[Stored items]

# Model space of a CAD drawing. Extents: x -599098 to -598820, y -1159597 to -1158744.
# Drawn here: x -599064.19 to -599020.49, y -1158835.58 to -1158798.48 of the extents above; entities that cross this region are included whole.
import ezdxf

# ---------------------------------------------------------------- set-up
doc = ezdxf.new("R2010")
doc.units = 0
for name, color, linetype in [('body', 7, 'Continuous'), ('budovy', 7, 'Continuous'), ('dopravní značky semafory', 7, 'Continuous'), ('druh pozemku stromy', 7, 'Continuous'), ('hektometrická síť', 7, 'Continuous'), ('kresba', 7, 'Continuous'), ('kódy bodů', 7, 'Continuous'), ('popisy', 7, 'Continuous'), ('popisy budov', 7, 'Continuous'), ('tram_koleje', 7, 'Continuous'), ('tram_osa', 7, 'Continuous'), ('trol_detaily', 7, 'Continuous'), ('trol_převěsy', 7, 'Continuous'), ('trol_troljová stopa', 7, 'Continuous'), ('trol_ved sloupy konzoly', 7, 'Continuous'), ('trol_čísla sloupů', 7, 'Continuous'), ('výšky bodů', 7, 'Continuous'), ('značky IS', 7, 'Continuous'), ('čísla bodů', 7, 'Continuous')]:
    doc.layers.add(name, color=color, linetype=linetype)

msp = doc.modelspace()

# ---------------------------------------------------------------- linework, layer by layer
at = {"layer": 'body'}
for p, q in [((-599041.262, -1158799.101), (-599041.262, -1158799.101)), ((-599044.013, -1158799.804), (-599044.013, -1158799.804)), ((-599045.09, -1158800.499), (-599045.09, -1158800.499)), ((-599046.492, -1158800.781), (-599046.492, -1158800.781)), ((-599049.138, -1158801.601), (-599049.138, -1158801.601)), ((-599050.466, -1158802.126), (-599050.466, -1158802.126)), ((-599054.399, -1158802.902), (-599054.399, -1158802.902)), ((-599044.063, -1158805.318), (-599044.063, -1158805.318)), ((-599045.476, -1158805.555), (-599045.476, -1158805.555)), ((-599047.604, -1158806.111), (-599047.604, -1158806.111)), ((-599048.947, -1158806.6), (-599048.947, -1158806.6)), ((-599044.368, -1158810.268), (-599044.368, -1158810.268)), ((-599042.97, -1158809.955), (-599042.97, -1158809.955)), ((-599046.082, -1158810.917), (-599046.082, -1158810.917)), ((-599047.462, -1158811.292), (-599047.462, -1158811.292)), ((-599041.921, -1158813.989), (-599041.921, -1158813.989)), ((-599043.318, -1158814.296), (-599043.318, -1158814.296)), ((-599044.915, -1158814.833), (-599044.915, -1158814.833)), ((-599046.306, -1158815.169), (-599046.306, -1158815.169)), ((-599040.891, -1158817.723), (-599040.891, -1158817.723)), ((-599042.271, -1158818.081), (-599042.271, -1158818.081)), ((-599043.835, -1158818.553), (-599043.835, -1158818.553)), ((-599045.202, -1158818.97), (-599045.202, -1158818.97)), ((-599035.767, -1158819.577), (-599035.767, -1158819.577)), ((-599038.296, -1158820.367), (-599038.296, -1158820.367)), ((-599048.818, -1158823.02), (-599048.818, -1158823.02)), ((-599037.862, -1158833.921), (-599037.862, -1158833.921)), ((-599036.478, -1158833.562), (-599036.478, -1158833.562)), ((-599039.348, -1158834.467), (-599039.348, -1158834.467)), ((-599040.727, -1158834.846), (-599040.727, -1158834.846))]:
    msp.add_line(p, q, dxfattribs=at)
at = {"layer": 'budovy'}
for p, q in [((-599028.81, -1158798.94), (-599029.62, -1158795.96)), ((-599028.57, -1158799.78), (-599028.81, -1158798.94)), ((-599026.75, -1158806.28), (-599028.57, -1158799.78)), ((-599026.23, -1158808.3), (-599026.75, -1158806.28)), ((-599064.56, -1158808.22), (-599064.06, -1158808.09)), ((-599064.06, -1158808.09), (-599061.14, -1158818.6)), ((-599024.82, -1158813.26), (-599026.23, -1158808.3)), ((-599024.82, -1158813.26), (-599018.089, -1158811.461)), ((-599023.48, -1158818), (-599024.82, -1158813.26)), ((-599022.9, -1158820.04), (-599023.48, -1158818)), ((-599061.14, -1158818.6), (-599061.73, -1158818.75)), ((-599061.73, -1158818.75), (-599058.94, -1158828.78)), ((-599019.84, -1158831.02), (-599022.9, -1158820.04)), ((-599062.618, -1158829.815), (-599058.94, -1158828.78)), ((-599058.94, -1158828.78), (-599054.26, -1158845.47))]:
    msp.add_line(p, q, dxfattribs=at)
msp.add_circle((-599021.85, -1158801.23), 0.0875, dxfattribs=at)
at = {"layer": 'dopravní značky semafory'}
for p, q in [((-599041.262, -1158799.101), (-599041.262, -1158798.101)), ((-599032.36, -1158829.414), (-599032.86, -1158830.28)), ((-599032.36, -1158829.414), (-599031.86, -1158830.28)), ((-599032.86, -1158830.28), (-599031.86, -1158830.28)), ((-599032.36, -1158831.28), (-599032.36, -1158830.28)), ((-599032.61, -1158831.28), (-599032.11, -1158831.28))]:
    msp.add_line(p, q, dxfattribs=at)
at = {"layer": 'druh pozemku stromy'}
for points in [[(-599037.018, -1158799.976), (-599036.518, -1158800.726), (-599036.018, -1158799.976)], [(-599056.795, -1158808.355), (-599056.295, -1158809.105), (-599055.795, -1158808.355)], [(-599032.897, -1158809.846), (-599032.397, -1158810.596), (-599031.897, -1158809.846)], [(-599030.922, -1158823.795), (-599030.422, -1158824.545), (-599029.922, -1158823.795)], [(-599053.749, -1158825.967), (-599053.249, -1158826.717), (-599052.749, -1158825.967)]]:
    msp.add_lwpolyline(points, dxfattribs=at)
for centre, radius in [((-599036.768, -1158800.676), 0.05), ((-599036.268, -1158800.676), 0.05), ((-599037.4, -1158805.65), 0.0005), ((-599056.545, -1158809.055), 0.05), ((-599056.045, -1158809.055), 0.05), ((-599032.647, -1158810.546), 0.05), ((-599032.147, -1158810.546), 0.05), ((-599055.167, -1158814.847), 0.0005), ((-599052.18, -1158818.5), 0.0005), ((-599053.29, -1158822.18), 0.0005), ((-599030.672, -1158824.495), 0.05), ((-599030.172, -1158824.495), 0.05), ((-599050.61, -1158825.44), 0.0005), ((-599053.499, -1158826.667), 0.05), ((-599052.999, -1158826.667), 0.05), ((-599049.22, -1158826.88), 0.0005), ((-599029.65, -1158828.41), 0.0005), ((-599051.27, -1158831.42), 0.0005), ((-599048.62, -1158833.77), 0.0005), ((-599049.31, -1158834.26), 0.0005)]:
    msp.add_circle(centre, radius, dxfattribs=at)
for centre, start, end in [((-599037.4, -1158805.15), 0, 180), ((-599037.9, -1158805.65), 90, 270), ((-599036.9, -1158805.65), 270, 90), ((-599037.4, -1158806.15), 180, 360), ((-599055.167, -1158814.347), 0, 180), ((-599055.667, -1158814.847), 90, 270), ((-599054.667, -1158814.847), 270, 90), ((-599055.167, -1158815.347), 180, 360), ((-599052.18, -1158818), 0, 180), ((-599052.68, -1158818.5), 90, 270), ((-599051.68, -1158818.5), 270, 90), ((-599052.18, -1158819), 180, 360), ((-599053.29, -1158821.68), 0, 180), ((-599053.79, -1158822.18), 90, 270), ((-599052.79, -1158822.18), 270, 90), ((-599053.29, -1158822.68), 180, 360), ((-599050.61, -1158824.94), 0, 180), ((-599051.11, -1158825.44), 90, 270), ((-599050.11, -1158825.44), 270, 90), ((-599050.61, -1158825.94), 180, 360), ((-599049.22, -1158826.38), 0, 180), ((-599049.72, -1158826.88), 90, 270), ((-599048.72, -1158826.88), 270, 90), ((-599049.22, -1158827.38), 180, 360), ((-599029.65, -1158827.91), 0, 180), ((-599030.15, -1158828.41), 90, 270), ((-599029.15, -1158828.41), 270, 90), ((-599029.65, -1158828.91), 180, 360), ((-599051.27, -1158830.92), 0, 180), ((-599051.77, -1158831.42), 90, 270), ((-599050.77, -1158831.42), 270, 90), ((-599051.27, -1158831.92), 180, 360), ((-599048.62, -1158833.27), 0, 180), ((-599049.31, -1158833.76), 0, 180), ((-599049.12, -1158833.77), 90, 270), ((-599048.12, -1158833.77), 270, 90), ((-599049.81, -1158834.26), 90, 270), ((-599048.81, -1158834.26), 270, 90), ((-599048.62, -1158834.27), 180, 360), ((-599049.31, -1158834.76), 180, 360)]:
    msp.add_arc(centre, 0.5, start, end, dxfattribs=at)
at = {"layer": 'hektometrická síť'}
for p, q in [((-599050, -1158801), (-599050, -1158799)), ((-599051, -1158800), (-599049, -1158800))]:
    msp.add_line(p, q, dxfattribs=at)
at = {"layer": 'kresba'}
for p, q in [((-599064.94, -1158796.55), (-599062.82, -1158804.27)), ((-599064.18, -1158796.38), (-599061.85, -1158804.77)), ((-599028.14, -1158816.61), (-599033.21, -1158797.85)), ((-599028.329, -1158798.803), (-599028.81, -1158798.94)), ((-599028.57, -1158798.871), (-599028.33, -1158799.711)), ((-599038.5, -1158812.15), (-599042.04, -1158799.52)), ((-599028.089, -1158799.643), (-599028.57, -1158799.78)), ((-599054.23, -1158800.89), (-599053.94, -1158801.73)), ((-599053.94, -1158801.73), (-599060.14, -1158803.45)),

__TASK TO COMPLETE__:
Among the entries, find every line holding "start" and return it.

__RESPONSE TO THIS EXERCISE__:
for centre, start, end in [((-599037.4, -1158805.15), 0, 180), ((-599037.9, -1158805.65), 90, 270), ((-599036.9, -1158805.65), 270, 90), ((-599037.4, -1158806.15), 180, 360), ((-599055.167, -1158814.347), 0, 180), ((-599055.667, -1158814.847), 90, 270), ((-599054.667, -1158814.847), 270, 90), ((-599055.167, -1158815.347), 180, 360), ((-599052.18, -1158818), 0, 180), ((-599052.68, -1158818.5), 90, 270), ((-599051.68, -1158818.5), 270, 90), ((-599052.18, -1158819), 180, 360), ((-599053.29, -1158821.68), 0, 180), ((-599053.79, -1158822.18), 90, 270), ((-599052.79, -1158822.18), 270, 90), ((-599053.29, -1158822.68), 180, 360), ((-599050.61, -1158824.94), 0, 180), ((-599051.11, -1158825.44), 90, 270), ((-599050.11, -1158825.44), 270, 90), ((-599050.61, -1158825.94), 180, 360), ((-599049.22, -1158826.38), 0, 180), ((-599049.72, -1158826.88), 90, 270), ((-599048.72, -1158826.88), 270, 90), ((-599049.22, -1158827.38), 180, 360), ((-599029.65, -1158827.91), 0, 180), ((-599030.15, -1158828.41), 90, 270), ((-599029.15, -1158828.41), 270, 90), ((-599029.65, -1158828.91), 180, 360), ((-599051.27, -1158830.92), 0, 180), ((-599051.77, -1158831.42), 90, 270), ((-599050.77, -1158831.42), 270, 90), ((-599051.27, -1158831.92), 180, 360), ((-599048.62, -1158833.27), 0, 180), ((-599049.31, -1158833.76), 0, 180), ((-599049.12, -1158833.77), 90, 270), ((-599048.12, -1158833.77), 270, 90), ((-599049.81, -1158834.26), 90, 270), ((-599048.81, -1158834.26), 270, 90), ((-599048.62, -1158834.27), 180, 360), ((-599049.31, -1158834.76), 180, 360)]:
    msp.add_arc(centre, 0.5, start, end, dxfattribs=at)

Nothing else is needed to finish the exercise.